Another “exercise“ (of sorts) that you may benefit from is to sit down and make a list of all the negatives you’re currently contending with in your life. Write down all the good things in another section, but definitely write down all the crap. Sometimes we feel overwhelmed with life and it helps to step back and understand the scope of our challenges. Then move things off the list that aren’t that critical and see what’s left, what you need to deal with and how you might best do so. Moving back to SA for a while might be your best option right now.
This has not been an easy time for most people and for varying reasons. You’re not the only one reaching the end of your frayed rope, but I truly believe we’ll all be able to look back at this time even five years in the future as a remarkable time to have been alive. Try to keep yourself centered and calm. You’ll get through this period of time as we all will, even if “battered and bruised” (figuratively speaking) and emerge stronger for your challenges. Keep the faith.
You might not know me fren, but this
"I don’t know you at all, but you seem to be in a pressure-cooker environment of late, virtually the only sane person in a sea of increasingly antagonistic idiots."
hits the nail squarely on the head. You've summarised exactly how I feel.
I doubt I'll come back to Korea. My reasons for staying in Korea are largely financial and logistical. IE I make much more here than back home and it will be much easier to find a job in my field at the end/beginning of a new year than smack in the middle of it.

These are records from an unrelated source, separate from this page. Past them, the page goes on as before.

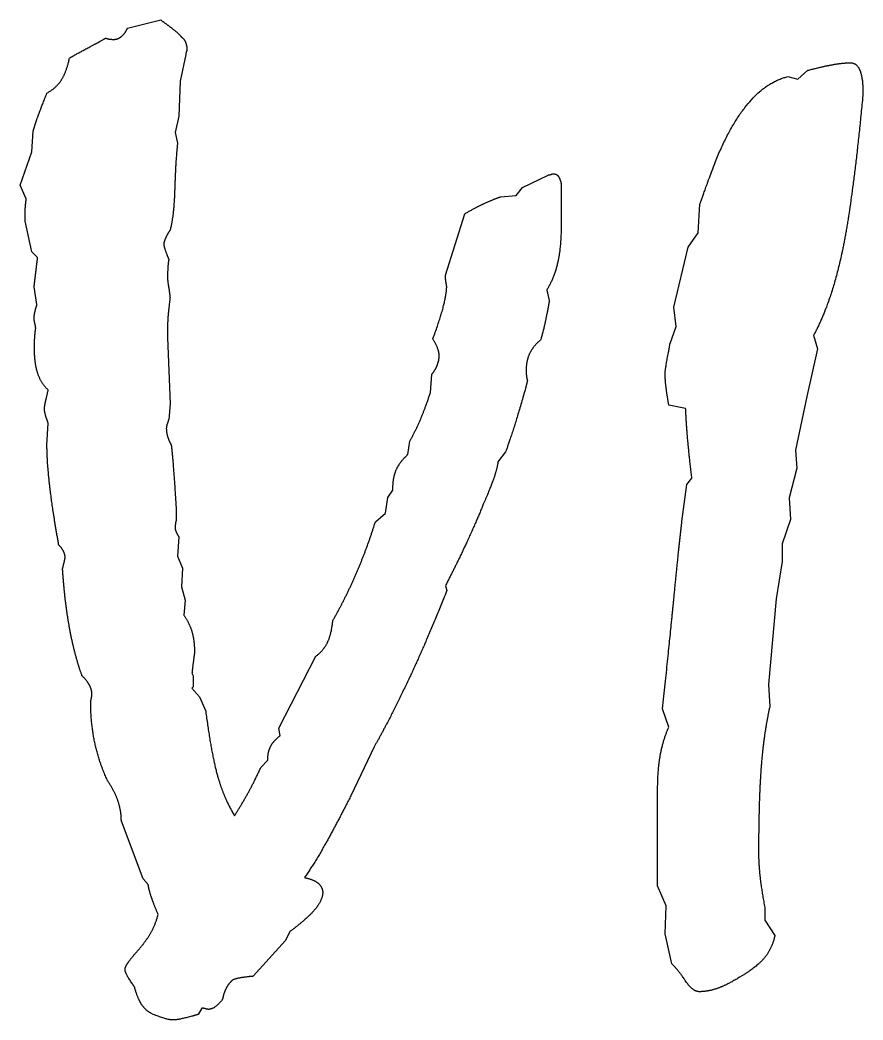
# Model space of a CAD drawing. Extents: x 728492 to 729038, y 272968 to 273171.
# Drawn here: x 728987.158 to 728989.677, y 273000.944 to 273003.934 of the extents above; entities that cross this region are included whole.
import ezdxf

# ---------------------------------------------------------------- set-up
doc = ezdxf.new("R2010")
doc.units = 0
doc.layers.add('RAMI_PLAN_####_TKST_#', color=7, linetype='Continuous')

msp = doc.modelspace()

# ---------------------------------------------------------------- linework, layer by layer
at = {"layer": 'RAMI_PLAN_####_TKST_#'}
for points in [[(728987.4793, 273003.91), (728987.5783, 273003.9343)], [(728987.6531, 273003.8315), (728987.6362, 273003.7511), (728987.6325, 273003.6465), (728987.6213, 273003.5979), (728987.6287, 273003.5661)], [(728989.4528, 273003.7651), (728989.4827, 273003.7577), (728989.5126, 273003.7838)], [(728987.1767, 273003.3998), (728987.1579, 273003.4409), (728987.1935, 273003.5399), (728987.1972, 273003.6016)], [(728988.5938, 273003.4054), (728988.6406, 273003.4091), (728988.6593, 273003.4334), (728988.736, 273003.4708)], [(728988.7752, 273003.4446), (728988.7752, 273003.325)], [(728989.1005, 273002.9674), (728989.1191, 273003.0178), (728989.1117, 273003.0758), (728989.1545, 273003.2551), (728989.1843, 273003.2981), (728989.1899, 273003.384)], [(728988.4292, 273003.1718), (728988.4872, 273003.3549)], [(728987.2104, 273003.2241), (728987.1936, 273003.2409), (728987.1729, 273003.3325)], [(728987.2086, 273003.0839), (728987.2, 273003.1362)], [(728988.7322, 273003.1269), (728988.7397, 273003.0951)], [(728987.5988, 273003.0148), (728987.5988, 273002.9849), (728987.6063, 273002.7868), (728987.6026, 273002.7401)], [(728988.3937, 273002.9774), (728988.3918, 273002.9811), (728988.3937, 273002.9867)], [(728989.5294, 273002.9917), (728989.5406, 273002.9506), (728989.5089, 273002.8086), (728989.4752, 273002.6479), (728989.479, 273002.5938), (728989.4566, 273002.5059), (728989.4603, 273002.4406), (728989.436, 273002.3677), (728989.436, 273002.3154), (728989.4173, 273002.2033), (728989.3949, 273001.9473), (728989.3987, 273001.8819)], [(728988.3843, 273002.8204), (728988.3881, 273002.8746)], [(728988.6742, 273002.8559), (728988.6686, 273002.8335)], [(728989.1471, 273002.7731), (728989.0968, 273002.7824)], [(728987.2384, 273002.6634), (728987.2422, 273002.7288)], [(728988.317, 273002.6354), (728988.3226, 273002.6746)], [(728988.6088, 273002.6429), (728988.5863, 273002.6129)], [(728989.1359, 273002.435), (728989.1508, 273002.5452), (728989.1657, 273002.5639)], [(728988.2198, 273002.4335), (728988.2497, 273002.4597), (728988.2572, 273002.5064), (728988.2721, 273002.5289)], [(728987.6325, 273002.3887), (728987.6287, 273002.3308), (728987.6437, 273002.2953), (728987.64, 273002.2392), (728987.6512, 273002.1999), (728987.6475, 273002.1551)], [(728988.4292, 273002.2429), (728988.433, 273002.228)], [(728987.9355, 273001.7944), (728987.9317, 273001.8168), (728988.0421, 273002.0317)], [(728987.6718, 273001.9813), (728987.6755, 273001.9738), (728987.6755, 273001.9402), (728987.6718, 273001.9364), (728987.6942, 273001.9102), (728987.7129, 273001.8673)], [(728989.0968, 273001.8203), (728989.0782, 273001.8745)], [(728988.216, 273001.7607), (728988.1468, 273001.615)], [(728987.8775, 273001.6991), (728987.8981, 273001.7215)], [(728989.1061, 273001.1119), (728989.0856, 273001.2016), (728989.0893, 273001.2857), (728989.0633, 273001.3456), (728989.0633, 273001.454), (728989.0633, 273001.5961), (728989.0633, 273001.6297)], [(728987.541, 273001.3496), (728987.526, 273001.3664), (728987.4607, 273001.5383)], [(728989.3837, 273001.2804), (728989.3837, 273001.2425), (728989.4136, 273001.1971)], [(728987.9654, 273001.2094), (728987.9505, 273001.1814), (728987.8551, 273001.0749)], [(728987.7017, 273000.9798), (728987.6905, 273000.9611)], [(728987.5559, 273000.9611), (728987.5485, 273000.9648)]]:
    msp.add_lwpolyline(points, dxfattribs=at)
for points in [[(728987.4597, 273003.8838), (728987.47, 273003.8913), (728987.4793, 273003.91)], [(728987.5783, 273003.9343), (728987.597, 273003.9212), (728987.6147, 273003.9072)], [(728987.3663, 273003.8539), (728987.4046, 273003.8745), (728987.4139, 273003.8801)], [(728987.4139, 273003.8801), (728987.4196, 273003.8782), (728987.4242, 273003.8773)], [(728987.4382, 273003.8763), (728987.4494, 273003.8763), (728987.4597, 273003.8838)], [(728987.6147, 273003.9072), (728987.6325, 273003.8932), (728987.64, 273003.8838)], [(728987.64, 273003.8838), (728987.6494, 273003.8763), (728987.6522, 273003.8688)], [(728987.3056, 273003.8203), (728987.328, 273003.8334), (728987.3663, 273003.8539)], [(728987.4242, 273003.8773), (728987.4289, 273003.8763), (728987.4382, 273003.8763)], [(728987.6522, 273003.8688), (728987.655, 273003.8614), (728987.6568, 273003.8501)], [(728987.6568, 273003.8501), (728987.6568, 273003.8445), (728987.6549, 273003.8389)], [(728987.2832, 273003.7577), (728987.2982, 273003.7829), (728987.3056, 273003.8203)], [(728987.6549, 273003.8389), (728987.6531, 273003.8333), (728987.6531, 273003.8315)], [(728989.5126, 273003.7838), (728989.5537, 273003.795), (728989.5855, 273003.8006)], [(728989.5855, 273003.8006), (728989.6172, 273003.8063), (728989.6397, 273003.8063)], [(728989.6397, 273003.8063), (728989.6584, 273003.8063), (728989.6677, 273003.7838)], [(728989.2179, 273003.4625), (728989.313, 273003.7315), (728989.4528, 273003.7651)], [(728989.6677, 273003.7838), (728989.677, 273003.7614), (728989.677, 273003.7147)], [(728987.2384, 273003.7156), (728987.2683, 273003.7324), (728987.2832, 273003.7577)], [(728987.2113, 273003.6455), (728987.2197, 273003.6689), (728987.2384, 273003.7156)], [(728989.677, 273003.7147), (728989.6471, 273003.3934), (728989.6144, 273003.2402)], [(728987.1972, 273003.6016), (728987.2029, 273003.6222), (728987.2113, 273003.6455)], [(728987.6287, 273003.5661), (728987.6231, 273003.5194), (728987.6203, 273003.4315)], [(728988.736, 273003.4708), (728988.7397, 273003.4708), (728988.7444, 273003.4726)], [(728988.7444, 273003.4726), (728988.7491, 273003.4745), (728988.7509, 273003.4745)], [(728988.7509, 273003.4745), (728988.7603, 273003.4745), (728988.7659, 273003.468)], [(728988.7659, 273003.468), (728988.7715, 273003.4614), (728988.7752, 273003.4446)], [(728989.1899, 273003.384), (728989.1992, 273003.4102), (728989.2179, 273003.4625)], [(728987.6203, 273003.4315), (728987.6175, 273003.3437), (728987.6063, 273003.3063)], [(728988.5452, 273003.3857), (728988.5714, 273003.3979), (728988.5938, 273003.4054)], [(728987.1729, 273003.3325), (728987.1729, 273003.3624), (728987.1739, 273003.3745)], [(728987.1739, 273003.3745), (728987.1748, 273003.3867), (728987.1767, 273003.3998)], [(728988.4872, 273003.3549), (728988.519, 273003.3736), (728988.5452, 273003.3857)], [(728988.7752, 273003.325), (728988.7752, 273003.2558), (728988.765, 273003.2101)], [(728987.5923, 273003.2811), (728987.5876, 273003.2708), (728987.5876, 273003.2652)], [(728987.6063, 273003.3063), (728987.597, 273003.2913), (728987.5923, 273003.2811)], [(728987.5876, 273003.2652), (728987.5876, 273003.2558), (728987.597, 273003.2316)], [(728987.2042, 273003.1718), (728987.2063, 273003.1886), (728987.2104, 273003.2241)], [(728987.597, 273003.2316), (728987.6007, 273003.2222), (728987.6026, 273003.2185)], [(728989.6144, 273003.2402), (728989.5817, 273003.087), (728989.5294, 273002.9917)], [(728987.6026, 273003.2185), (728987.5988, 273003.1998), (728987.5988, 273003.1605)], [(728988.765, 273003.2101), (728988.7547, 273003.1643), (728988.7322, 273003.1269)], [(728987.2, 273003.1362), (728987.2021, 273003.1549), (728987.2042, 273003.1718)], [(728988.4311, 273003.1493), (728988.4292, 273003.1606), (728988.4292, 273003.1718)], [(728987.5988, 273003.1605), (728987.5988, 273003.1568), (728987.6016, 273003.1381)], [(728987.6016, 273003.1381), (728987.6045, 273003.1194), (728987.6063, 273003.1045)], [(728988.3937, 273002.9867), (728988.433, 273003.0933), (728988.433, 273003.1381)], [(728988.433, 273003.1381), (728988.433, 273003.1381), (728988.4311, 273003.1493)], [(728987.6063, 273003.1045), (728987.6026, 273003.0745), (728987.6007, 273003.054)], [(728987.2, 273003.0428), (728987.2, 273003.0559), (728987.2064, 273003.0764)], [(728987.2064, 273003.0764), (728987.2086, 273003.082), (728987.2086, 273003.0839)], [(728988.7397, 273003.0951), (728988.7322, 273003.054), (728988.7266, 273003.0278)], [(728987.2024, 273003.0269), (728987.2, 273003.0372), (728987.2, 273003.0428)], [(728987.6007, 273003.054), (728987.5988, 273003.0334), (728987.5988, 273003.0148)], [(728987.202, 273002.9867), (728987.203, 273002.9998), (728987.2048, 273003.0129)], [(728987.2048, 273003.0129), (728987.2048, 273003.0166), (728987.2024, 273003.0269)], [(728988.7266, 273003.0278), (728988.721, 273003.0017), (728988.7135, 273002.9774)], [(728987.2011, 273002.9512), (728987.2011, 273002.9736), (728987.202, 273002.9867)], [(728988.4105, 273002.9307), (728988.4105, 273002.9494), (728988.3937, 273002.9774)], [(728988.7135, 273002.9774), (728988.6911, 273002.9587), (728988.6808, 273002.9372)], [(728989.0949, 273002.9356), (728989.0987, 273002.9562), (728989.1005, 273002.9674)], [(728987.2114, 273002.8765), (728987.2011, 273002.9064), (728987.2011, 273002.9512)], [(728988.4049, 273002.9026), (728988.4105, 273002.9176), (728988.4105, 273002.9307)], [(728988.6808, 273002.9372), (728988.6705, 273002.9157), (728988.6705, 273002.8896)], [(728989.0856, 273002.8777), (728989.0856, 273002.8889), (728989.0949, 273002.9356)], [(728988.3881, 273002.8746), (728988.3993, 273002.8877), (728988.4049, 273002.9026)], [(728987.2422, 273002.8279), (728987.2216, 273002.8466), (728987.2114, 273002.8765)], [(728988.6705, 273002.8896), (728988.6705, 273002.8765), (728988.6714, 273002.869)], [(728988.6714, 273002.869), (728988.6724, 273002.8615), (728988.6742, 273002.8559)], [(728989.0884, 273002.8376), (728989.0856, 273002.8609), (728989.0856, 273002.8777)], [(728988.6686, 273002.8335), (728988.6312, 273002.7008), (728988.6088, 273002.6429)], [(728989.0968, 273002.7824), (728989.0912, 273002.8142), (728989.0884, 273002.8376)], [(728987.2338, 273002.7914), (728987.2366, 273002.8036), (728987.2422, 273002.8279)], [(728988.3563, 273002.7438), (728988.3712, 273002.7793), (728988.3843, 273002.8204)], [(728987.231, 273002.7699), (728987.231, 273002.7793), (728987.2338, 273002.7914)], [(728989.1536, 273002.676), (728989.149, 273002.7264), (728989.1471, 273002.7731)], [(728987.2338, 273002.7541), (728987.231, 273002.7643), (728987.231, 273002.7699)], [(728987.2422, 273002.7288), (728987.2366, 273002.7438), (728987.2338, 273002.7541)], [(728988.3226, 273002.6746), (728988.3413, 273002.7083), (728988.3563, 273002.7438)], [(728987.596, 273002.7204), (728987.5951, 273002.7158), (728987.5951, 273002.7139)], [(728987.5951, 273002.7139), (728987.5951, 273002.7008), (728987.5988, 273002.6887)], [(728987.6026, 273002.7401), (728987.597, 273002.7251), (728987.596, 273002.7204)], [(728987.5988, 273002.6887), (728987.6026, 273002.6765), (728987.61, 273002.6634)], [(728987.2478, 273002.5335), (728987.2384, 273002.6111), (728987.2384, 273002.6634)], [(728987.61, 273002.6634), (728987.6175, 273002.5943), (728987.625, 273002.4616)], [(728989.1657, 273002.5639), (728989.1583, 273002.6255), (728989.1536, 273002.676)], [(728988.2824, 273002.5896), (728988.2927, 273002.6129), (728988.317, 273002.6354)], [(728988.5863, 273002.6129), (728988.5826, 273002.5886), (728988.5732, 273002.5625)], [(728988.2721, 273002.5289), (728988.2721, 273002.5662), (728988.2824, 273002.5896)], [(728988.5732, 273002.5625), (728988.5639, 273002.5363), (728988.5414, 273002.484)], [(728987.2739, 273002.3644), (728987.2571, 273002.456), (728987.2478, 273002.5335)], [(728988.5414, 273002.484), (728988.5209, 273002.4335), (728988.4947, 273002.3765)], [(728987.625, 273002.4616), (728987.625, 273002.4485), (728987.625, 273002.441)], [(728987.6222, 273002.427), (728987.6213, 273002.4205), (728987.6213, 273002.4149)], [(728987.6213, 273002.4149), (728987.6213, 273002.4111), (728987.6241, 273002.4046)], [(728987.625, 273002.441), (728987.6231, 273002.4336), (728987.6222, 273002.427)], [(728988.1637, 273002.2812), (728988.1954, 273002.3551), (728988.2198, 273002.4335)], [(728989.1136, 273002.221), (728989.1247, 273002.3359), (728989.1359, 273002.435)], [(728987.6241, 273002.4046), (728987.6269, 273002.3981), (728987.6325, 273002.3887)], [(728987.2879, 273002.3457), (728987.2833, 273002.3551), (728987.2739, 273002.3644)], [(728988.4947, 273002.3765), (728988.4685, 273002.3195), (728988.4292, 273002.2429)], [(728987.2926, 273002.327), (728987.2926, 273002.3364), (728987.2879, 273002.3457)], [(728987.2898, 273002.313), (728987.2926, 273002.3252), (728987.2926, 273002.327)], [(728987.2851, 273002.2934), (728987.287, 273002.3008), (728987.2898, 273002.313)], [(728987.3047, 273002.1233), (728987.2907, 273002.2037), (728987.2851, 273002.2934)], [(728988.0926, 273002.1382), (728988.1319, 273002.2074), (728988.1637, 273002.2812)], [(728988.433, 273002.228), (728988.375, 273002.0803), (728988.3179, 273001.9598)], [(728989.0782, 273001.8745), (728989.1024, 273002.1061), (728989.1136, 273002.221)], [(728987.6475, 273002.1551), (728987.6643, 273002.1308), (728987.6718, 273002.1046)], [(728987.343, 273001.9738), (728987.3187, 273002.043), (728987.3047, 273002.1233)], [(728988.0776, 273002.0747), (728988.0888, 273002.099), (728988.0926, 273002.1382)], [(728987.6718, 273002.1046), (728987.6793, 273002.0785), (728987.6793, 273002.043)], [(728988.0421, 273002.0317), (728988.0664, 273002.0504), (728988.0776, 273002.0747)], [(728987.6793, 273002.043), (728987.6793, 273002.0411), (728987.6764, 273002.0205)], [(728987.6764, 273002.0205), (728987.6736, 273002), (728987.6718, 273001.9813)], [(728987.3663, 273001.9439), (728987.3598, 273001.957), (728987.343, 273001.9738)], [(728987.3729, 273001.9177), (728987.3729, 273001.9308), (728987.3663, 273001.9439)], [(728988.3179, 273001.9598), (728988.2609, 273001.8392), (728988.216, 273001.7607)], [(728987.371, 273001.9056), (728987.3729, 273001.914), (728987.3729, 273001.9177)], [(728987.3692, 273001.8934), (728987.3692, 273001.8972), (728987.371, 273001.9056)], [(728987.3813, 273001.7738), (728987.3692, 273001.8318), (728987.3692, 273001.8934)], [(728989.3987, 273001.8819), (728989.38, 273001.7998), (728989.3725, 273001.6989)], [(728987.7129, 273001.8673), (728987.7297, 273001.7383), (728987.7484, 273001.6729)], [(728989.0717, 273001.7381), (728989.0801, 273001.7829), (728989.0968, 273001.8203)], [(728987.9074, 273001.7635), (728987.9168, 273001.7813), (728987.9355, 273001.7944)], [(728987.4196, 273001.6598), (728987.3934, 273001.7159), (728987.3813, 273001.7738)], [(728987.8981, 273001.7215), (728987.8981, 273001.7458), (728987.9074, 273001.7635)], [(728989.0633, 273001.6297), (728989.0633, 273001.6932), (728989.0717, 273001.7381)], [(728987.8391, 273001.6225), (728987.8588, 273001.658), (728987.8775, 273001.6991)], [(728989.3725, 273001.6989), (728989.365, 273001.598), (728989.365, 273001.4429)], [(728987.7484, 273001.6729), (728987.7672, 273001.6075), (728987.7989, 273001.5552)], [(728987.4504, 273001.6), (728987.4401, 273001.6299), (728987.4196, 273001.6598)], [(728987.7989, 273001.5552), (728987.8195, 273001.5869), (728987.8391, 273001.6225)], [(728988.1468, 273001.615), (728988.1001, 273001.5234), (728988.0701, 273001.4701)], [(728987.4607, 273001.5383), (728987.4607, 273001.5701), (728987.4504, 273001.6)], [(728988.0701, 273001.4701), (728988.0402, 273001.4169), (728988.0084, 273001.3701)], [(728989.365, 273001.4429), (728989.365, 273001.4149), (728989.3687, 273001.3775)], [(728988.0084, 273001.3701), (728988.0346, 273001.3645), (728988.0477, 273001.3543)], [(728989.3687, 273001.3775), (728989.3725, 273001.3402), (728989.3837, 273001.2804)], [(728987.5503, 273001.3123), (728987.5428, 273001.3347), (728987.541, 273001.3496)], [(728988.0477, 273001.3543), (728988.0608, 273001.344), (728988.0626, 273001.3272)], [(728987.5708, 273001.2601), (728987.5577, 273001.2899), (728987.5503, 273001.3123)], [(728988.0626, 273001.3272), (728988.0626, 273001.3029), (728988.0393, 273001.2748)], [(728987.5438, 273001.1966), (728987.5615, 273001.2246), (728987.5708, 273001.2601)], [(728988.0393, 273001.2748), (728988.0159, 273001.2468), (728987.9654, 273001.2094)], [(728987.4999, 273001.1405), (728987.526, 273001.1685), (728987.5438, 273001.1966)], [(728989.4136, 273001.1971), (728989.4061, 273001.1597), (728989.3838, 273001.1317)], [(728987.4774, 273001.1106), (728987.4831, 273001.1199), (728987.4999, 273001.1405)], [(728989.3838, 273001.1317), (728989.3614, 273001.1036), (728989.3111, 273001.0737)], [(728987.4718, 273001.0938), (728987.4718, 273001.1013), (728987.4774, 273001.1106)], [(728989.1461, 273001.0619), (728989.1247, 273001.0949), (728989.1061, 273001.1119)], [(728987.4924, 273001.0545), (728987.4718, 273001.0844), (728987.4718, 273001.0938)], [(728987.8363, 273001.0731), (728987.8045, 273001.0693), (728987.7933, 273001.0638)], [(728987.8551, 273001.0749), (728987.8494, 273001.0749), (728987.8363, 273001.0731)], [(728989.3111, 273001.0737), (728989.2719, 273001.0494), (728989.243, 273001.0392)], [(728987.4999, 273001.0433), (728987.4961, 273001.0489), (728987.4924, 273001.0545)], [(728987.5204, 273000.9919), (728987.5092, 273001.0097), (728987.4999, 273001.0433)], [(728987.7746, 273001.0404), (728987.7672, 273001.0264), (728987.7634, 273001.0078)], [(728987.7933, 273001.0638), (728987.7821, 273001.0544), (728987.7746, 273001.0404)], [(728989.1881, 273001.0289), (728989.1676, 273001.0289), (728989.1461, 273001.0619)], [(728989.243, 273001.0392), (728989.2142, 273001.0289), (728989.1881, 273001.0289)], [(728987.5485, 273000.9648), (728987.5316, 273000.9742), (728987.5204, 273000.9919)], [(728987.712, 273000.9779), (728987.7054, 273000.9798), (728987.7017, 273000.9798)], [(728987.7615, 273001.004), (728987.7391, 273000.976), (728987.7204, 273000.976)], [(728987.7634, 273001.0078), (728987.7615, 273001.004), (728987.7615, 273001.004)], [(728987.6139, 273000.9443), (728987.5989, 273000.9443), (728987.5559, 273000.9611)], [(728987.6718, 273000.9555), (728987.6307, 273000.9443), (728987.6139, 273000.9443)], [(728987.6905, 273000.9611), (728987.6849, 273000.9592), (728987.6718, 273000.9555)], [(728987.7204, 273000.976), (728987.7185, 273000.976), (728987.712, 273000.9779)]]:
    msp.add_open_spline(points, degree=2, dxfattribs=at)

doc.saveas('drawing.dxf')

That being said both my wife and I are praying and asking for direction on whether or not we should leave earlier. We are waiting for a clear sign, because ultimately I don't want to leave Korea because I'm angry, unhappy or bitter. I want to leave because it is God's will. (I realise my anger doesn't sound very Christian, but I've only started my walk with God a few months back. I am trying). So if God wants me to be the maskless man for a few months more, I'll do that. Equally I'm willing to leave earlier. But I want to be sure. If you don't mind I'd sure appreciate you praying for me for clarity on this as well.
Thank you for your exercises. I'll make sure to especially incorporate the breathing one into my daily routine.
Leave if the safety of you or your wife becomes an issue. If you’re just frustrated that others are not waking up... deep breath, remain calm and carry on. You have little to no control over other people’s actions, only over your own.
One of the things that struck me as notable in your post was your apparent compassion for the gym manager’s health, even while you were angry. We’re human, we get angry at times. Even Jesus, while upending the money lenders’ tables in the temple, was likely a tad peeved. (Not advocating for you to start tossing things around). Your compassion for others is very Christian.
I’m happy to pray for you, friend, have done so and will continue to do so. Clarity, however, will come when you’ve learned how to listen to the good Lord for His guidance... and more often than not will not be the kind of clarity we associate with our current understanding of that term.
https://greatawakening.win/p/12iNndoawK/daily-prayer-thread-51121/
Thank you. I appreciate it greatly.
Lol, I was so angry I didn't even think I was being compassionate, but it's an interesting way of thinking about it.
Adversity, testing of faith and principles. I recall Christ saying he did not come to bring peace. Like I said, still praying through it. I want to leave for the right reasons, not cause it's the easy way out.